Do you envision detecting a warning when a dangling reference/pointer is created, or only when dereferenced?
Removing the bindings, aka. purging the temp regions, but those only.
I think we dont need to do anything. Loading from a pointer refering to the missing temp object should result in Undefined. And the use of such value would trigger a sink generation by the core checkers. And this is where a specific core checker or reporter might come into play finetuning the report message and notes.
So, yea, I would permit the construction of dangling references or pointers to such dead temp objects but not their uses.
(1) In your examples the problem of lifetimes is purely syntactic. Say, you can subscribe to check::PreStmt<DeclStmt>() for variables x and y and at this point you immediately see from the AST whether the initializer is properly lifetime-extended. Combine that with path-senstive information about the value of the initializer (it’s pointer into a temporary that’s been allocated by a sub-expression of the initializer - CXXTempObjectRegion::getExpr() tells you that) and you solve the problem.
(2) In the general case, it becomes essential to capture the moment of time when references become invalid. My first thought was "Why don’t you simply subscribe tocheck::PostCall()of destructor" and then I noticed that technically references aren’t automatically dangling after destruction:
Lifetime - cppreference.com
If a new object is created at the address that was occupied by another object, then all pointers, references, and the name of the original object will automatically refer to the new object and, once the lifetime of the new object begins, can be used to manipulate the new object, but only if the original object is transparently replaceable by the new object.
So it sounds like we could use some sort of “check::Deallocation()” callback. It’d also be a more principled way of dealing with your examples.
(3) Scanning the Store to erase the dangling references seems counter-productive. Even if the object is deallocated, the loc::MemRegionVal inside those references continues to correctly represent the numeric value of the pointer, which the program can technically continue to rely upon.
Just like the existing StackAddrEscape checker doesn’t erase anything from the Store.
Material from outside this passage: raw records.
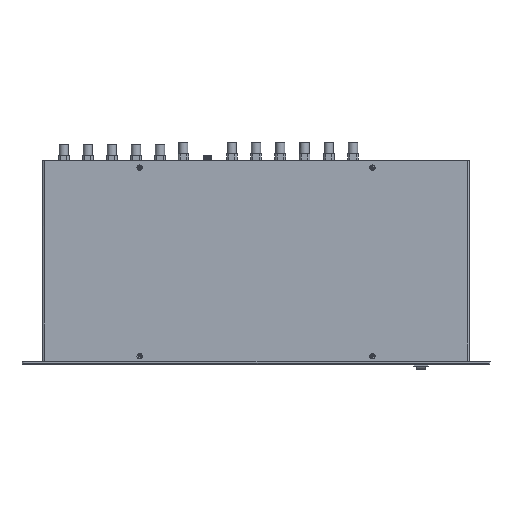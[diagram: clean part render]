
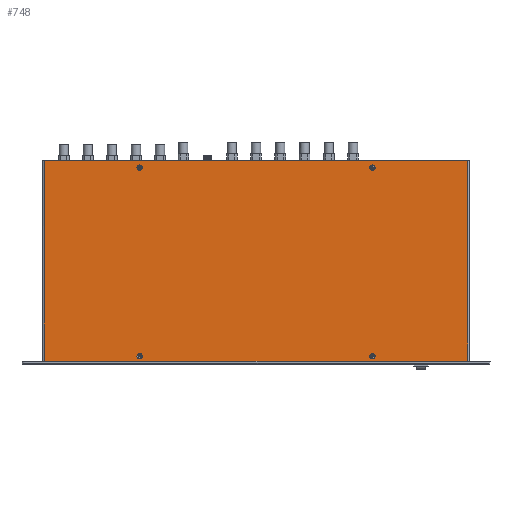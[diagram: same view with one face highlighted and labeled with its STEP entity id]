
A CAD part, top view. The second image highlights one B-rep face of the part: STEP entity #748.
In plain terms, the highlighted free-form (B-spline) face has degree [1, 1] with [2, 2] control points.
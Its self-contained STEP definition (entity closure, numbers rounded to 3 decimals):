
#391=FACE_BOUND('',#5736,.T.);
#392=FACE_BOUND('',#5737,.T.);
#393=FACE_BOUND('',#5738,.T.);
#394=FACE_BOUND('',#5739,.T.);
#748=ADVANCED_FACE('',(#3210,#391,#392,#393,#394),#37903,.T.);
#3210=FACE_OUTER_BOUND('',#5735,.T.);
#5735=EDGE_LOOP('',(#9343,#9344,#9345,#9346));
#5736=EDGE_LOOP('',(#9347,#9348));
#5737=EDGE_LOOP('',(#9349,#9350));
#5738=EDGE_LOOP('',(#9351,#9352));
#5739=EDGE_LOOP('',(#9353,#9354));
#9343=ORIENTED_EDGE('',*,*,#20862,.F.);
#9344=ORIENTED_EDGE('',*,*,#20863,.T.);
#9345=ORIENTED_EDGE('',*,*,#20861,.F.);
#9346=ORIENTED_EDGE('',*,*,#20864,.T.);
#9347=ORIENTED_EDGE('',*,*,#20823,.T.);
#9348=ORIENTED_EDGE('',*,*,#20854,.T.);
#9349=ORIENTED_EDGE('',*,*,#20856,.T.);
#9350=ORIENTED_EDGE('',*,*,#20827,.T.);
#9351=ORIENTED_EDGE('',*,*,#20858,.T.);
#9352=ORIENTED_EDGE('',*,*,#20831,.T.);
#9353=ORIENTED_EDGE('',*,*,#20860,.T.);
#9354=ORIENTED_EDGE('',*,*,#20835,.T.);
#20823=EDGE_CURVE('',#32870,#32869,#26544,.T.);
#20827=EDGE_CURVE('',#32874,#32873,#26546,.T.);
#20831=EDGE_CURVE('',#32878,#32877,#26548,.T.);
#20835=EDGE_CURVE('',#32882,#32881,#26550,.T.);
#20854=EDGE_CURVE('',#32869,#32870,#26560,.T.);
#20856=EDGE_CURVE('',#32873,#32874,#26562,.T.);
#20858=EDGE_CURVE('',#32877,#32878,#26564,.T.);
#20860=EDGE_CURVE('',#32881,#32882,#26566,.T.);
#20861=EDGE_CURVE('',#32899,#32900,#28181,.T.);
#20862=EDGE_CURVE('',#32901,#32902,#28182,.T.);
#20863=EDGE_CURVE('',#32901,#32900,#28183,.T.);
#20864=EDGE_CURVE('',#32899,#32902,#28184,.T.);
#26544=(
BOUNDED_CURVE()
B_SPLINE_CURVE(2,(#45459,#45460,#45461,#45462,#45463),.UNSPECIFIED.,.F.,
 .F.)
B_SPLINE_CURVE_WITH_KNOTS((3,2,3),(-8.639,-4.32,
0.),.UNSPECIFIED.)
CURVE()
GEOMETRIC_REPRESENTATION_ITEM()
RATIONAL_B_SPLINE_CURVE((1.,0.707,1.,0.707,1.))
REPRESENTATION_ITEM('')
);
#26546=(
BOUNDED_CURVE()
B_SPLINE_CURVE(2,(#45473,#45474,#45475,#45476,#45477),.UNSPECIFIED.,.F.,
 .F.)
B_SPLINE_CURVE_WITH_KNOTS((3,2,3),(-8.639,-4.32,
0.),.UNSPECIFIED.)
CURVE()
GEOMETRIC_REPRESENTATION_ITEM()
RATIONAL_B_SPLINE_CURVE((1.,0.707,1.,0.707,1.))
REPRESENTATION_ITEM('')
);
#26548=(
BOUNDED_CURVE()
B_SPLINE_CURVE(2,(#45487,#45488,#45489,#45490,#45491),.UNSPECIFIED.,.F.,
 .F.)
B_SPLINE_CURVE_WITH_KNOTS((3,2,3),(-8.639,-4.32,
0.),.UNSPECIFIED.)
CURVE()
GEOMETRIC_REPRESENTATION_ITEM()
RATIONAL_B_SPLINE_CURVE((1.,0.707,1.,0.707,1.))
REPRESENTATION_ITEM('')
);
#26550=(
BOUNDED_CURVE()
B_SPLINE_CURVE(2,(#45501,#45502,#45503,#45504,#45505),.UNSPECIFIED.,.F.,
 .F.)
B_SPLINE_CURVE_WITH_KNOTS((3,2,3),(-8.639,-4.32,
0.),.UNSPECIFIED.)
CURVE()
GEOMETRIC_REPRESENTATION_ITEM()
RATIONAL_B_SPLINE_CURVE((1.,0.707,1.,0.707,1.))
REPRESENTATION_ITEM('')
);
#26560=(
BOUNDED_CURVE()
B_SPLINE_CURVE(2,(#45569,#45570,#45571,#45572,#45573),.UNSPECIFIED.,.F.,
 .F.)
B_SPLINE_CURVE_WITH_KNOTS((3,2,3),(-8.639,-4.32,
0.),.UNSPECIFIED.)
CURVE()
GEOMETRIC_REPRESENTATION_ITEM()
RATIONAL_B_SPLINE_CURVE((1.,0.707,1.,0.707,1.))
REPRESENTATION_ITEM('')
);
#26562=(
BOUNDED_CURVE()
B_SPLINE_CURVE(2,(#45579,#45580,#45581,#45582,#45583),.UNSPECIFIED.,.F.,
 .F.)
B_SPLINE_CURVE_WITH_KNOTS((3,2,3),(-8.639,-4.32,
0.),.UNSPECIFIED.)
CURVE()
GEOMETRIC_REPRESENTATION_ITEM()
RATIONAL_B_SPLINE_CURVE((1.,0.707,1.,0.707,1.))
REPRESENTATION_ITEM('')
);
#26564=(
BOUNDED_CURVE()
B_SPLINE_CURVE(2,(#45589,#45590,#45591,#45592,#45593),.UNSPECIFIED.,.F.,
 .F.)
B_SPLINE_CURVE_WITH_KNOTS((3,2,3),(-8.639,-4.32,
0.),.UNSPECIFIED.)
CURVE()
GEOMETRIC_REPRESENTATION_ITEM()
RATIONAL_B_SPLINE_CURVE((1.,0.707,1.,0.707,1.))
REPRESENTATION_ITEM('')
);
#26566=(
BOUNDED_CURVE()
B_SPLINE_CURVE(2,(#45599,#45600,#45601,#45602,#45603),.UNSPECIFIED.,.F.,
 .F.)
B_SPLINE_CURVE_WITH_KNOTS((3,2,3),(-8.639,-4.32,
0.),.UNSPECIFIED.)
CURVE()
GEOMETRIC_REPRESENTATION_ITEM()
RATIONAL_B_SPLINE_CURVE((1.,0.707,1.,0.707,1.))
REPRESENTATION_ITEM('')
);
#28181=B_SPLINE_CURVE_WITH_KNOTS('',1,(#45604,#45605),.UNSPECIFIED.,.F.,
 .F.,(2,2),(0.,437.),.UNSPECIFIED.);
#28182=B_SPLINE_CURVE_WITH_KNOTS('',1,(#45606,#45607),.UNSPECIFIED.,.F.,
 .F.,(2,2),(0.,437.),.UNSPECIFIED.);
#28183=B_SPLINE_CURVE_WITH_KNOTS('',1,(#45608,#45609),.UNSPECIFIED.,.F.,
 .F.,(2,2),(0.,206.),.UNSPECIFIED.);
#28184=B_SPLINE_CURVE_WITH_KNOTS('',1,(#45610,#45611),.UNSPECIFIED.,.F.,
 .F.,(2,2),(0.,206.),.UNSPECIFIED.);
#32869=VERTEX_POINT('',#45408);
#32870=VERTEX_POINT('',#45409);
#32873=VERTEX_POINT('',#45412);
#32874=VERTEX_POINT('',#45413);
#32877=VERTEX_POINT('',#45416);
#32878=VERTEX_POINT('',#45417);
#32881=VERTEX_POINT('',#45420);
#32882=VERTEX_POINT('',#45421);
#32899=VERTEX_POINT('',#45438);
#32900=VERTEX_POINT('',#45439);
#32901=VERTEX_POINT('',#45440);
#32902=VERTEX_POINT('',#45441);
#37903=B_SPLINE_SURFACE_WITH_KNOTS('',1,1,((#45282,#45283),(#45284,#45285)),
 .UNSPECIFIED.,.F.,.F.,.F.,(2,2),(2,2),(-226.8,20.4),(-262.2,
262.2),.UNSPECIFIED.);
#45282=CARTESIAN_POINT('',(-261.175,130.765,37.42));
#45283=CARTESIAN_POINT('',(264.74,130.862,37.41));
#45284=CARTESIAN_POINT('',(-261.221,-118.397,37.554));
#45285=CARTESIAN_POINT('',(264.694,-118.3,37.544));
#45408=CARTESIAN_POINT('',(-118.569,105.24,37.431));
#45409=CARTESIAN_POINT('',(-118.57,99.696,37.434));
#45412=CARTESIAN_POINT('',(122.124,105.284,37.427));
#45413=CARTESIAN_POINT('',(122.123,99.741,37.43));
#45416=CARTESIAN_POINT('',(122.088,-89.751,37.531));
#45417=CARTESIAN_POINT('',(122.087,-95.295,37.534));
#45420=CARTESIAN_POINT('',(-118.605,-89.796,37.536));
#45421=CARTESIAN_POINT('',(-118.606,-95.34,37.539));
#45438=CARTESIAN_POINT('',(220.871,-97.545,37.533));
#45439=CARTESIAN_POINT('',(-217.391,-97.626,37.542));
#45440=CARTESIAN_POINT('',(-217.353,110.009,37.431));
#45441=CARTESIAN_POINT('',(220.91,110.09,37.422));
#45459=CARTESIAN_POINT('',(-118.57,99.696,37.434));
#45460=CARTESIAN_POINT('',(-121.328,99.696,37.434));
#45461=CARTESIAN_POINT('',(-121.327,102.468,37.433));
#45462=CARTESIAN_POINT('',(-121.327,105.239,37.431));
#45463=CARTESIAN_POINT('',(-118.569,105.24,37.431));
#45473=CARTESIAN_POINT('',(122.123,99.741,37.43));
#45474=CARTESIAN_POINT('',(119.365,99.74,37.43));
#45475=CARTESIAN_POINT('',(119.366,102.512,37.428));
#45476=CARTESIAN_POINT('',(119.366,105.284,37.427));
#45477=CARTESIAN_POINT('',(122.124,105.284,37.427));
#45487=CARTESIAN_POINT('',(122.087,-95.295,37.534));
#45488=CARTESIAN_POINT('',(119.329,-95.296,37.534));
#45489=CARTESIAN_POINT('',(119.33,-92.524,37.533));
#45490=CARTESIAN_POINT('',(119.33,-89.752,37.531));
#45491=CARTESIAN_POINT('',(122.088,-89.751,37.531));
#45501=CARTESIAN_POINT('',(-118.606,-95.34,37.539));
#45502=CARTESIAN_POINT('',(-121.364,-95.34,37.539));
#45503=CARTESIAN_POINT('',(-121.363,-92.568,37.537));
#45504=CARTESIAN_POINT('',(-121.363,-89.796,37.536));
#45505=CARTESIAN_POINT('',(-118.605,-89.796,37.536));
#45569=CARTESIAN_POINT('',(-118.569,105.24,37.431));
#45570=CARTESIAN_POINT('',(-115.811,105.24,37.431));
#45571=CARTESIAN_POINT('',(-115.812,102.469,37.433));
#45572=CARTESIAN_POINT('',(-115.812,99.697,37.434));
#45573=CARTESIAN_POINT('',(-118.57,99.696,37.434));
#45579=CARTESIAN_POINT('',(122.124,105.284,37.427));
#45580=CARTESIAN_POINT('',(124.882,105.285,37.427));
#45581=CARTESIAN_POINT('',(124.882,102.513,37.428));
#45582=CARTESIAN_POINT('',(124.881,99.741,37.429));
#45583=CARTESIAN_POINT('',(122.123,99.741,37.43));
#45589=CARTESIAN_POINT('',(122.088,-89.751,37.531));
#45590=CARTESIAN_POINT('',(124.846,-89.751,37.531));
#45591=CARTESIAN_POINT('',(124.846,-92.523,37.533));
#45592=CARTESIAN_POINT('',(124.845,-95.295,37.534));
#45593=CARTESIAN_POINT('',(122.087,-95.295,37.534));
#45599=CARTESIAN_POINT('',(-118.605,-89.796,37.536));
#45600=CARTESIAN_POINT('',(-115.847,-89.795,37.536));
#45601=CARTESIAN_POINT('',(-115.847,-92.567,37.537));
#45602=CARTESIAN_POINT('',(-115.848,-95.339,37.539));
#45603=CARTESIAN_POINT('',(-118.606,-95.34,37.539));
#45604=CARTESIAN_POINT('',(220.871,-97.545,37.533));
#45605=CARTESIAN_POINT('',(-217.391,-97.626,37.542));
#45606=CARTESIAN_POINT('',(-217.353,110.009,37.431));
#45607=CARTESIAN_POINT('',(220.91,110.09,37.422));
#45608=CARTESIAN_POINT('',(-217.353,110.009,37.431));
#45609=CARTESIAN_POINT('',(-217.391,-97.626,37.542));
#45610=CARTESIAN_POINT('',(220.871,-97.545,37.533));
#45611=CARTESIAN_POINT('',(220.91,110.09,37.422));

It simply scans it to find things that shouldn’t be there, and warn about them.
Erasing things from the Store would have a nice side effect of being able to reuse check::DeadSymbols() as a vegan substitute for check::Deallocation() (given that deallocated regions will also immediately become dead), but I don’t see why should we conflate these two; I think it’s probably good to have the checker express its intent more precisely, because it’s possible that we’re missing some other nuance and the two aren’t actually related.
I’ll come back with more convincing examples where one cannot easily model lifeextended temporaries to underpin the outlined memor region approach that we proposed.
Expect it by the end of this week.
In general detection of the dangling references to temporaries cannot be handled in a purely syntactic manner, as illustration please consider the following example:
template<typename T>
T const& select(bool cond, T const& t, T const& u) { return cond ? t : u; }
int const& le = Composite{}.x;
auto&& ref = select(cond, le, 10);
For the above ref is conditionally dangling, depending on the value of cond.
Such examples, for us are a major motivation to solve the problem by inspecting the regions and providing a mechanism to mark ones that become dangling.
I think there was a small misunderstanding. @NoQ suggested that it is a purely syntactic problem to determine whether a value is lifetime extended, but he still suggested to rely on path sensitive information to figure out what the actual value is.